Companies on the list are scored on 16 different social, economic, and environmental factors defined by the American public, which shape how businesses contribute to healthy outcomes for workers, their families, and the communities in which they operate.
The companies on the list stand out for their commitment to better wages and workplaces. Compared with other companies in the Russell 1000, the top 100 performers on average pay 12% more of their workers a living wage and paid 90% lower worker safety fines. They score 10% higher on crowdsourced work-life balance satisfaction and 8% higher on benefits satisfaction.
Their record on environmental and community impact is no less impressive. The companies produced 52% lower greenhouse gas emissions intensity in 2017 than other Russell 1000 companies, pay 74% lower EEOC fines per dollar of revenue over the last three years, and experienced 63% fewer controversies related to community impacts as reported in the media over the last three years.
And this isn’t just about being a good corporate citizen. It’s good for business and the bottom line too. Companies in the top 100 have generated 3% higher Return-on-Equity over the past five years.
These higher financial returns should be no surprise. Research tells us that healthier communities achieve improved education outcomes, attract more talented workers, and are more productive and competitive. Investing in workers and communities helps companies succeed.

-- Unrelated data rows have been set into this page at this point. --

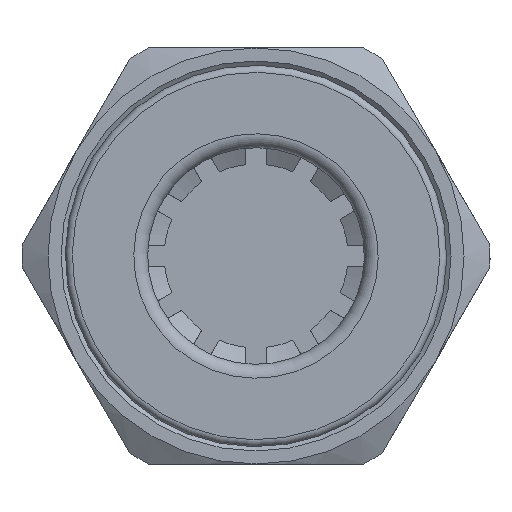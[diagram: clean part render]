
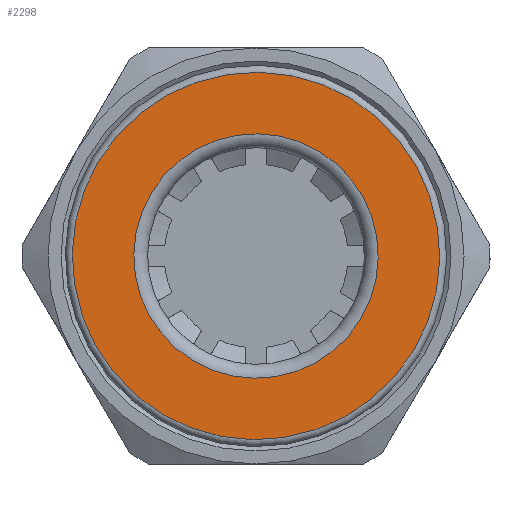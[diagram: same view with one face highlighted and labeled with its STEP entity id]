
A CAD part, left-side view. The second image highlights one B-rep face of the part: STEP entity #2298.
In plain terms, the highlighted planar face has unit normal (-1, 0, 0).
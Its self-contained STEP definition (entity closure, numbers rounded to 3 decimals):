
#2298=ADVANCED_FACE('',(#6634,#6635),#6636,.T.);
#2756=EDGE_CURVE('',#7395,#7395,#7396,.T.);
#2758=EDGE_CURVE('',#7398,#7398,#7399,.T.);
#6634=FACE_BOUND('',#12648,.T.);
#6635=FACE_OUTER_BOUND('',#12649,.T.);
#6636=PLANE('',#12650);
#7395=VERTEX_POINT('',#13775);
#7396=CIRCLE('',#13776,3.525);
#7398=VERTEX_POINT('',#13779);
#7399=CIRCLE('',#13780,5.3);
#12648=EDGE_LOOP('',(#25160));
#12649=EDGE_LOOP('',(#25161));
#12650=AXIS2_PLACEMENT_3D('',#25162,#25163,#25164);
#13775=CARTESIAN_POINT('',(22.409,9.221,48.602));
#13776=AXIS2_PLACEMENT_3D('',#26156,#26157,#26158);
#13779=CARTESIAN_POINT('',(22.409,9.8,50.279));
#13780=AXIS2_PLACEMENT_3D('',#26159,#26160,#26161);
#25160=ORIENTED_EDGE('',*,*,#2756,.F.);
#25161=ORIENTED_EDGE('',*,*,#2758,.F.);
#25162=CARTESIAN_POINT('',(22.409,6.662,41.193));
#25163=DIRECTION('',(-1.0,0.,0.));
#25164=DIRECTION('',(0.,0.0,1.0));
#26156=CARTESIAN_POINT('',(22.409,8.07,45.27));
#26157=DIRECTION('',(-1.0,0.,0.));
#26158=DIRECTION('',(0.,0.326,0.945));
#26159=CARTESIAN_POINT('',(22.409,8.07,45.27));
#26160=DIRECTION('',(1.0,0.,0.));
#26161=DIRECTION('',(0.,0.326,0.945));

A stronger culture of health is not simply a positive social good, but a clear and urgent business priority for corporate America. Companies need to deeply examine their impact on the health of the communities in which they’re operating and adopt a holistic new approach that works with other market stakeholders to support families along the way to a healthier life.
If we want a more resilient, inclusive, and healthy nation, we need more of our corporate leaders to continue to step up and lead the way.